Does anyone know what the generic clearomizer that they use is? Sort of a duck-bill drip trip type of clearomizer. I DID try to call the vendor via phone-no answer. Also via Skype. No luck. I would do an online order but I live in Moscow, Russia at present and there are restrictions on ordering so no dice. So if anyone has any ideas what this clearomizer is based on I would appreciate. Thanks!!!




Sent from my iPad using Tapatalk


----------



## BhavZ (13/2/14)

ibanez said:


> Guys and girls, need some help here...
> 
> As I outlined in my newbie post, I manage to successfully quit stinkies/analogues by using a kit I had bought in Bloemfontein in December 2013 from a retailer/chain. The box/Kit is labelled as Vape Tm, distributed by Vape Africa.
> 
> ...


If you could post a pic that would help a great deal.

I went to the Vape Africa website now and looked at the starter kits. By the looks of things its the basic EVOD tank, I think the overseas term is a T3 tank.

Hope that helps.


----------



## Zodiac (13/2/14)

Hi @ibanez, the clearomizer you are looking for is called a Just Fog 1453. Its basically a Just Fog Maxi (which has a round mouth piece), except that it has a slightly different design and a flat mouth piece. If you cannot find that where you are, look for the Janty clearomiser, same one twisp uses. They are all basically the same thing, and give the exact same vape. Vape Africa use their own oem name "vape" for their Just Fog products so they do not expose the brand. Hope this helps.

Reactions: Like 2 | Informative 1


----------



## BhavZ (13/2/14)

Zodiac said:


> Hi @ibanez, the clearomizer you are looking for is called a Just Fog 1453. Its basically a Just Fog Maxi (which has a round mouth piece), except that it has a slightly different design and a flat mouth piece. If you cannot find that where you are, look for the Janty clearomiser, same one twisp uses. They are all basically the same thing, and give the exact same vape. Vape Africa use their own oem name "vape" for their Just Fog products so they do not expose the brand. Hope this helps.



Apologies for the incorrect info on my side.

Thanks @Zodiac for clearing it up. Learnt something new now as well.

Reactions: Like 2


----------



## ibanez (13/2/14)

BhavZ,

Apologies, correct. Should have posted pics too. 

Attached you will find. Sorry for lack of clarity. Snow here screws up everything.

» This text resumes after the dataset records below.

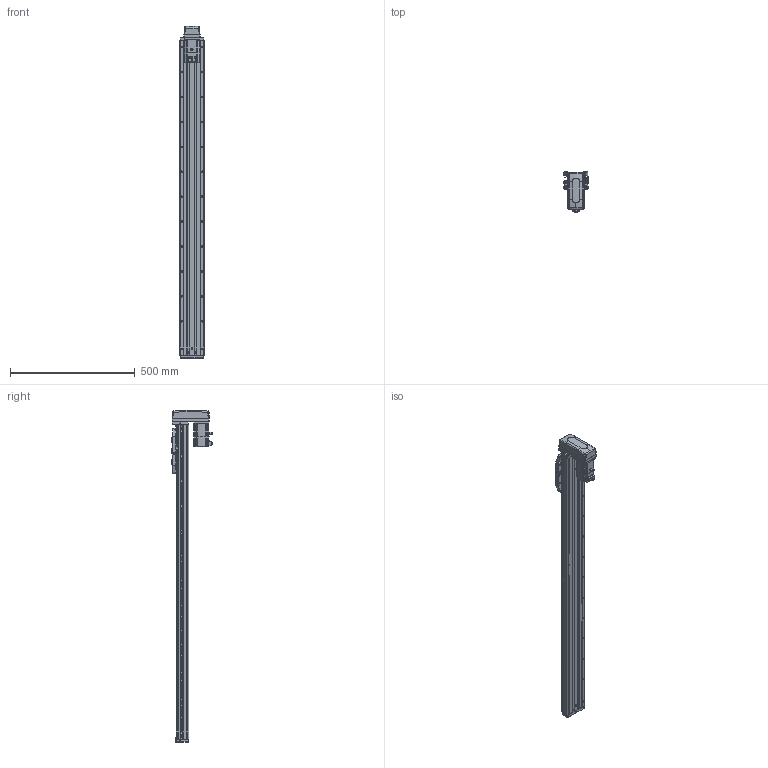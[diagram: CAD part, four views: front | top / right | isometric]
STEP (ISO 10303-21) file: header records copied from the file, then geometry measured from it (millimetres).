
FILE_DESCRIPTION (( 'STEP AP203' ), '1' );
FILE_NAME ('CTHA100-1050-BM-M20-C4L.step', '2022-07-06T09:02:46', ( '微软用户' ), ( '微软中国' ), 'SwSTEP 2.0', 'SolidWorks 2020', '' );
FILE_SCHEMA (( 'CONFIG_CONTROL_DESIGN' ));
Length unit declared in the file: millimetre
Products named in the file (19): CTHA86-033; EE_SX911P_R; _X2_4E0983F1_X0_200W_1; CTHA100-1050-BM-M20-C4L; CTHA60-017; CTHA100-002; CTHA60-021; CTHA100-031; KTHA100-001_1260; GBT77-2000 M3×3; CTHA86-030; KTHA100-004; GBT 70.1-M3℅6; GBT 70.3-M3℅6; KTHA100-005; GBT70.1 M5℅16; CTHA86-015-1_CTHA86-015-2; GB¨uT 70.2-M3¡Á5_M3¡Á6; CTHA60-016
Assembly tree (64 placements, depth 2):
  CTHA100-1050-BM-M20-C4L
    KTHA100-001_1260
    KTHA100-004
    KTHA100-005
    GB¨uT 70.2-M3¡Á5_M3¡Á6  x10
    EE_SX911P_R  x3
    CTHA60-017  x3
    CTHA60-021  x2
    GBT77-2000 M3×3  x6
    GBT 70.1-M3℅6  x10
    GBT70.1 M5℅16  x14
    CTHA60-016  x2
    _X2_4E0983F1_X0_200W_1
    CTHA100-002
    CTHA100-031
    CTHA86-030  x2
    GBT 70.3-M3℅6  x4
    CTHA86-015-1_CTHA86-015-2
    CTHA86-033
Bounding box: 98.82 x 163.2 x 1331 mm (x, y, z)
Volume: 5248116.3 mm3; surface area: 864009.8 mm2
Topology: 66 solids, 66 shells, 2769 faces, 6695 edges, 4156 vertices
Faces by surface type: plane 1452, cylinder 731, cone 363, torus 124, bspline 75, sphere 24
Entity records: 49222 total; most frequent: CARTESIAN_POINT 9595, DIRECTION 7644, ORIENTED_EDGE 7506, EDGE_CURVE 3753, AXIS2_PLACEMENT_3D 2577, VECTOR 2490, LINE 2490, VERTEX_POINT 2376
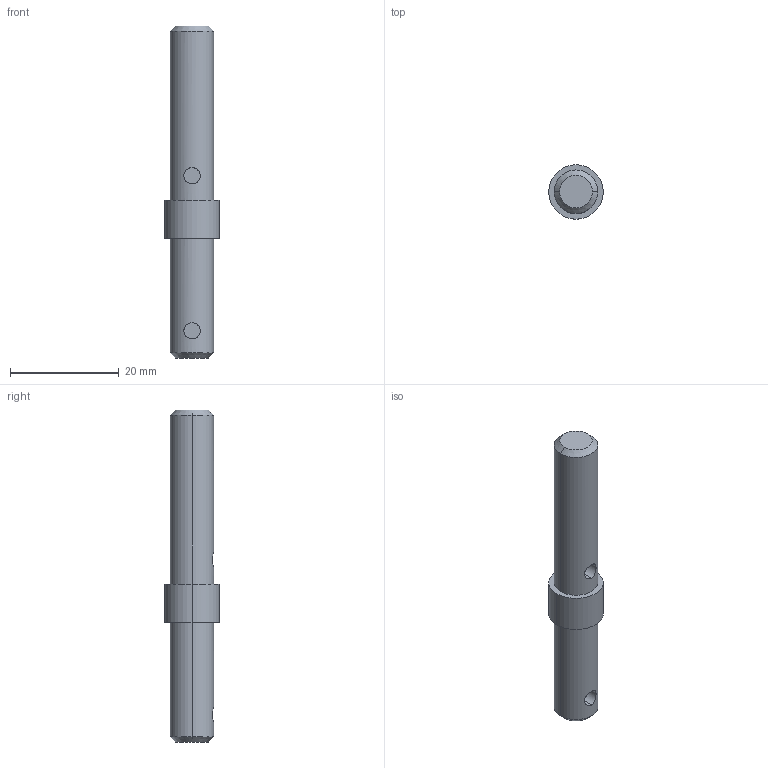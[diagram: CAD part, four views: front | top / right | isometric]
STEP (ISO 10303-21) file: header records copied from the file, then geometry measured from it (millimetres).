
FILE_DESCRIPTION (( 'STEP AP214' ), '1' );
FILE_NAME ('翋极粣.STEP', '2024-11-14T11:34:16', ( '' ), ( '' ), 'SwSTEP 2.0', 'SolidWorks 2021', '' );
FILE_SCHEMA (( 'AUTOMOTIVE_DESIGN' ));
Length unit declared in the file: millimetre
Products named in the file (1): 翋极粣
Bounding box: 10 x 10 x 61 mm (x, y, z)
Volume: 3185.5 mm3; surface area: 1774.5 mm2
Topology: 1 solids, 1 shells, 20 faces, 38 edges, 24 vertices
Faces by surface type: cylinder 10, plane 6, cone 4
Entity records: 636 total; most frequent: CARTESIAN_POINT 183, DIRECTION 96, ORIENTED_EDGE 76, AXIS2_PLACEMENT_3D 41, EDGE_CURVE 38, VERTEX_POINT 24, EDGE_LOOP 24, FACE_OUTER_BOUND 20

Sent from my iPad using Tapatalk


----------



## Zodiac (13/2/14)

Yep, thats the one, have a look at this

Reactions: Like 1 | Informative 1


----------



## ibanez (13/2/14)

Zodiac and BhavZ,

Thanks to both of you for the ultra fast response!! Reminds me of why ECIGSSA is one of my favorite websites, because of the helpful members here. Will have a look for the Just Fog in Moscow. Don't believe I will find but just maybe 


Sent from my iPad using Tapatalk


----------



## Chop007 (13/2/14)

Aaah snap, I got 2 of those from Canal walk like 2 weeks ago. It was a much better vape than the fake China town ego clearomizers I was using. Here is a pick of mine as well, with the "Vape TM" Logo.




That is so weird I was wondering who sells them since the shop at Canal Walk was all out of stock.


----------



## ibanez (13/2/14)

Zodiac, yep:the exterior is exactly the same. On your photo though the atomizer itself has lots of holes which mine doesn't have. No matter-thanks for the info, will try to source here. 


Sent from my iPad using Tapatalk


----------



## BhavZ (13/2/14)

Chop007 said:


> Aaah snap, I got 2 of those from Canal walk like 2 weeks ago. It was a much better vape than the fake China town ego clearomizers I was using. Here is a pick of mine as well, with the "Vape TM" Logo.
> 
> 
> 
> ...



If I may ask, which shop in CW did you buy them from? Are those glass tanks or plastic tanks?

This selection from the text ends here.